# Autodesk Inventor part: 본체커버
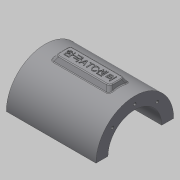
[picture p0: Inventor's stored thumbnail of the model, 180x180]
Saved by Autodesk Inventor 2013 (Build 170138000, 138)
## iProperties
Created: 2015-12
Part Number: 본체커버
Material: 일반
Document SubType Name: Modeling
Designer: mduedu
Density: 2.71 g/cm^3
Mass: 199.348 g
Surface Area: 200.806 cm^2
Volume: 73.5601 cm^3
Author: mduedu
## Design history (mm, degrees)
sketch "스케치1"
  geometry: L1 (45, 40)-(-45, 40); L2 (-45, 40)-(-45, -40); L3 (-45, -40)-(45, -40); L4 (45, -40)-(45, 40); L5 (45, 40)-(-45, -40); L6 (-45, 40)-(45, -40); 1 further point
  constraints: 12 end point, 2 midpoint, 2 parallel, 1 horizontal, 1 perpendicular
  dimensions: "d0" = 90 distance of L2.end L3.end; "d2" = 80 distance of L1.end L2.end
extrude "돌출1" new body sketch "스케치1" distance "d3" = 10; taper "d4" = 0 deg
sketch "스케치2"
  geometry: L1 (0, 40)-(0, -40) reference; C1 r 32.5 at (80, 0); 1 further point
  constraints: 1 centre point
  dimensions: "d5" = 65 diameter of C1; "d6" = 80 distance from line of C1.centre L1
extrude "돌출2" join sketch "스케치2" stored distance "d7" = 75; taper "d8" = 0 deg
sketch "스케치3"
  geometry: L1 (-27.5, -20)-(27.5, -20); L2 (27.5, -20)-(27.5, 20); L3 (27.5, 20)-(-27.5, 20); L4 (-27.5, 20)-(-27.5, -20); L5 (-27.5, -20)-(27.5, 20); L6 (27.5, -20)-(-27.5, 20); 1 further point
  constraints: 12 end point, 2 midpoint, 2 parallel, 1 horizontal, 1 perpendicular
  dimensions: "d9" = 55 distance of L2.end L3.end; "d11" = 40 distance of L1.end L2.end
extrude "돌출3" new body sketch "스케치3" stored distance "d12" = 75; taper "d13" = 0 deg
fillet "모깎기1"
fillet "모깎기2"
feature "결합1"
  node "솔리드2"
fillet "모깎기3" dims "d14" = 10
sketch "스케치4"
  geometry: L1 (-37.5, 47.5)-(37.5, 47.5) reference; L2 (35, 10)-(45, 10) reference; L3 (32.5, 47.5)-(40, 10); L4 (37.5, 47.5)-(37.5, 112.5) reference; L5 (45, 10)-(45, 0) reference; 1 further point
  constraints: 2 end point, 1 midpoint, 1 point on line
  dimensions: "d15" = 5 distance from line of L3.start L4; "d16" = 5 distance from line of L3.end L5
sketch "스케치5"
  geometry: L1 (10, 40)-(10, 30) reference; L2 (10, 35)-(56.569, 22.522); L3 (0, 40)-(10, 40) reference; 2 further points
  constraints: 2 end point, 1 midpoint, 2 other
  dimensions: "d17" = 5 distance from line of L2.start L3; "d18" = 15 deg angle of L2 L3
feature "리브1" dims "d19" = 1, "d20" = 6, "d21" = 0, "d22" = 0, "d23" = 1, "d24" = 1
feature "리브2" dims "d25" = 1, "d26" = 6, "d27" = 0, "d28" = 0, "d29" = 1, "d30" = 1
fillet "모깎기4" dims "d31" = 2
fillet "모깎기5" dims "d32" = 2
fillet "모깎기6" dims "d33" = 2
sketch "스케치6"
  geometry: A1 r 10 centre (-35, 30) between (-35, 40) and (-45, 30) reference; A2 r 10 centre (35, 30) between (45, 30) and (35, 40) reference; A3 r 10 centre (35, -30) between (35, -40) and (45, -30) reference; A4 r 10 centre (-35, -30) between (-45, -30) and (-35, -40) reference; 5 further points
  constraints: 4 coincident
hole "구멍1" sketch "스케치6" at (-35, 30), (35, 30), (35, -30), (-35, -30) diameter "d34" = 7; stored, may be unused: countersink angle "d38" = 90 deg, drill point angle "d40" = 118 deg; dims "d35" = 6, "d36" = 12, "d37" = 3, "d39" = 8
fillet "모깎기7" dims "d41" = 2
hole "구멍2" diameter "d44" = 45; stored, may be unused: countersink angle "d48" = 90 deg, drill point angle "d50" = 118 deg; dims "d42" = 10, "d43" = 10, "d45" = 6, "d46" = 4, "d47" = 2, "d49" = 8
sketch "스케치7" dims "d52" = 26.5
  geometry: L1 (0, 0)-(32.5, 0); L2 (0, 0)-(0, 32.5); A1 r 32.5 centre (0, 0) between (32.5, 0) and (0, 32.5) reference; 3 further points
  constraints: 4 end point, 2 point on circle, 1 coincident, 1 horizontal, 1 point on line, 1 vertical alignment, 2 other
  dimensions: "d51" = 90 deg angle of L2 L1
hole "구멍3" sketch "스케치7" at (0, 26.5) diameter "d54" = 2.459; stored, may be unused: countersink angle "d58" = 90 deg, drill point angle "d60" = 118 deg; dims "d55" = 8, "d56" = 4, "d57" = 2, "d59" = 10
sketch "스케치13"
  geometry: L1 (-45, 80)-(105, 80); L2 (105, 80)-(105, -30); L3 (105, -30)-(-45, -30); L4 (-45, -30)-(-45, 80); L5 (0, 0)-(60, 0) reference; C1 r 32.5 at (30, 80) reference; 1 further point
  constraints: 8 end point, 2 parallel, 1 coincident, 1 horizontal, 1 midpoint, 1 perpendicular
  dimensions: "d99" = 30 distance between parallel lines of L3 L5; "d126" = 150 distance between parallel lines of L2 L4
extrude "돌출8" cut sketch "스케치13" stored distance "d97" = 10; taper "d98" = 0 deg; stored distance "d138" = 10; dims "d2" = 80, "d141" = 1
node "작업 평면4"
  node "작업 평면3"
sketch "스케치19"
  geometry: L1 (-22.5, -6)-(22.5, -6); L2 (22.5, -6)-(22.5, 6); L3 (22.5, 6)-(-22.5, 6); L4 (-22.5, 6)-(-22.5, -6); L5 (-22.5, -6)-(22.5, 6); L6 (22.5, -6)-(-22.5, 6); L7 (-37.5, 32.5)-(-37.5, -32.5) reference; 1 further point
  constraints: 12 end point, 2 midpoint, 2 parallel, 1 horizontal, 1 perpendicular
  dimensions: "d136" = 15 distance between parallel lines of L4 L7; "d137" = 12 distance of L1.end L2.end
extrude "돌출10" join sketch "스케치19" stored distance "d138" = 10; taper "d139" = 30 deg
fillet "모깎기13" dims "d140" = 3
fillet "모깎기14" dims "d141" = 1
fillet "모깎기15" dims "d142" = 1
sketch "스케치20"
  geometry: 2 further points
  constraints: 1 coincident, 1 other
feature "엠보싱2" sketch "스케치20" dims "d0" = 90, "d2" = 80, "d143" = 0.5, "d144" = 0
node "솔리드1"
mirror "대칭1"
mirror "대칭2"
pattern_circular "원형 패턴1" dims angle "d62" = 360 deg
mirror "대칭3"
other parameters: "d135" = 3

=-=-=

*Problem details*. Output every entry verbatim. Pictures do not belong in the copy.

*Response to the task*.
# Autodesk Inventor part: 본체커버
[picture p0: Inventor's stored thumbnail of the model, 180x180]
Saved by Autodesk Inventor 2013 (Build 170138000, 138)
## iProperties
Created: 2015-12
Part Number: 본체커버
Material: 일반
Document SubType Name: Modeling
Designer: mduedu
Density: 2.71 g/cm^3
Mass: 199.348 g
Surface Area: 200.806 cm^2
Volume: 73.5601 cm^3
Author: mduedu
## Design history (mm, degrees)
sketch "스케치1"
  geometry: L1 (45, 40)-(-45, 40); L2 (-45, 40)-(-45, -40); L3 (-45, -40)-(45, -40); L4 (45, -40)-(45, 40); L5 (45, 40)-(-45, -40); L6 (-45, 40)-(45, -40); 1 further point
  constraints: 12 end point, 2 midpoint, 2 parallel, 1 horizontal, 1 perpendicular
  dimensions: "d0" = 90 distance of L2.end L3.end; "d2" = 80 distance of L1.end L2.end
extrude "돌출1" new body sketch "스케치1" distance "d3" = 10; taper "d4" = 0 deg
sketch "스케치2"
  geometry: L1 (0, 40)-(0, -40) reference; C1 r 32.5 at (80, 0); 1 further point
  constraints: 1 centre point
  dimensions: "d5" = 65 diameter of C1; "d6" = 80 distance from line of C1.centre L1
extrude "돌출2" join sketch "스케치2" stored distance "d7" = 75; taper "d8" = 0 deg
sketch "스케치3"
  geometry: L1 (-27.5, -20)-(27.5, -20); L2 (27.5, -20)-(27.5, 20); L3 (27.5, 20)-(-27.5, 20); L4 (-27.5, 20)-(-27.5, -20); L5 (-27.5, -20)-(27.5, 20); L6 (27.5, -20)-(-27.5, 20); 1 further point
  constraints: 12 end point, 2 midpoint, 2 parallel, 1 horizontal, 1 perpendicular
  dimensions: "d9" = 55 distance of L2.end L3.end; "d11" = 40 distance of L1.end L2.end
extrude "돌출3" new body sketch "스케치3" stored distance "d12" = 75; taper "d13" = 0 deg
fillet "모깎기1"
fillet "모깎기2"
feature "결합1"
  node "솔리드2"
fillet "모깎기3" dims "d14" = 10
sketch "스케치4"
  geometry: L1 (-37.5, 47.5)-(37.5, 47.5) reference; L2 (35, 10)-(45, 10) reference; L3 (32.5, 47.5)-(40, 10); L4 (37.5, 47.5)-(37.5, 112.5) reference; L5 (45, 10)-(45, 0) reference; 1 further point
  constraints: 2 end point, 1 midpoint, 1 point on line
  dimensions: "d15" = 5 distance from line of L3.start L4; "d16" = 5 distance from line of L3.end L5
sketch "스케치5"
  geometry: L1 (10, 40)-(10, 30) reference; L2 (10, 35)-(56.569, 22.522); L3 (0, 40)-(10, 40) reference; 2 further points
  constraints: 2 end point, 1 midpoint, 2 other
  dimensions: "d17" = 5 distance from line of L2.start L3; "d18" = 15 deg angle of L2 L3
feature "리브1" dims "d19" = 1, "d20" = 6, "d21" = 0, "d22" = 0, "d23" = 1, "d24" = 1
feature "리브2" dims "d25" = 1, "d26" = 6, "d27" = 0, "d28" = 0, "d29" = 1, "d30" = 1
fillet "모깎기4" dims "d31" = 2
fillet "모깎기5" dims "d32" = 2
fillet "모깎기6" dims "d33" = 2
sketch "스케치6"
  geometry: A1 r 10 centre (-35, 30) between (-35, 40) and (-45, 30) reference; A2 r 10 centre (35, 30) between (45, 30) and (35, 40) reference; A3 r 10 centre (35, -30) between (35, -40) and (45, -30) reference; A4 r 10 centre (-35, -30) between (-45, -30) and (-35, -40) reference; 5 further points
  constraints: 4 coincident
hole "구멍1" sketch "스케치6" at (-35, 30), (35, 30), (35, -30), (-35, -30) diameter "d34" = 7; stored, may be unused: countersink angle "d38" = 90 deg, drill point angle "d40" = 118 deg; dims "d35" = 6, "d36" = 12, "d37" = 3, "d39" = 8
fillet "모깎기7" dims "d41" = 2
hole "구멍2" diameter "d44" = 45; stored, may be unused: countersink angle "d48" = 90 deg, drill point angle "d50" = 118 deg; dims "d42" = 10, "d43" = 10, "d45" = 6, "d46" = 4, "d47" = 2, "d49" = 8
sketch "스케치7" dims "d52" = 26.5
  geometry: L1 (0, 0)-(32.5, 0); L2 (0, 0)-(0, 32.5); A1 r 32.5 centre (0, 0) between (32.5, 0) and (0, 32.5) reference; 3 further points
  constraints: 4 end point, 2 point on circle, 1 coincident, 1 horizontal, 1 point on line, 1 vertical alignment, 2 other
  dimensions: "d51" = 90 deg angle of L2 L1
hole "구멍3" sketch "스케치7" at (0, 26.5) diameter "d54" = 2.459; stored, may be unused: countersink angle "d58" = 90 deg, drill point angle "d60" = 118 deg; dims "d55" = 8, "d56" = 4, "d57" = 2, "d59" = 10
sketch "스케치13"
  geometry: L1 (-45, 80)-(105, 80); L2 (105, 80)-(105, -30); L3 (105, -30)-(-45, -30); L4 (-45, -30)-(-45, 80); L5 (0, 0)-(60, 0) reference; C1 r 32.5 at (30, 80) reference; 1 further point
  constraints: 8 end point, 2 parallel, 1 coincident, 1 horizontal, 1 midpoint, 1 perpendicular
  dimensions: "d99" = 30 distance between parallel lines of L3 L5; "d126" = 150 distance between parallel lines of L2 L4
extrude "돌출8" cut sketch "스케치13" stored distance "d97" = 10; taper "d98" = 0 deg; stored distance "d138" = 10; dims "d2" = 80, "d141" = 1
node "작업 평면4"
  node "작업 평면3"
sketch "스케치19"
  geometry: L1 (-22.5, -6)-(22.5, -6); L2 (22.5, -6)-(22.5, 6); L3 (22.5, 6)-(-22.5, 6); L4 (-22.5, 6)-(-22.5, -6); L5 (-22.5, -6)-(22.5, 6); L6 (22.5, -6)-(-22.5, 6); L7 (-37.5, 32.5)-(-37.5, -32.5) reference; 1 further point
  constraints: 12 end point, 2 midpoint, 2 parallel, 1 horizontal, 1 perpendicular
  dimensions: "d136" = 15 distance between parallel lines of L4 L7; "d137" = 12 distance of L1.end L2.end
extrude "돌출10" join sketch "스케치19" stored distance "d138" = 10; taper "d139" = 30 deg
fillet "모깎기13" dims "d140" = 3
fillet "모깎기14" dims "d141" = 1
fillet "모깎기15" dims "d142" = 1
sketch "스케치20"
  geometry: 2 further points
  constraints: 1 coincident, 1 other
feature "엠보싱2" sketch "스케치20" dims "d0" = 90, "d2" = 80, "d143" = 0.5, "d144" = 0
node "솔리드1"
mirror "대칭1"
mirror "대칭2"
pattern_circular "원형 패턴1" dims angle "d62" = 360 deg
mirror "대칭3"
other parameters: "d135" = 3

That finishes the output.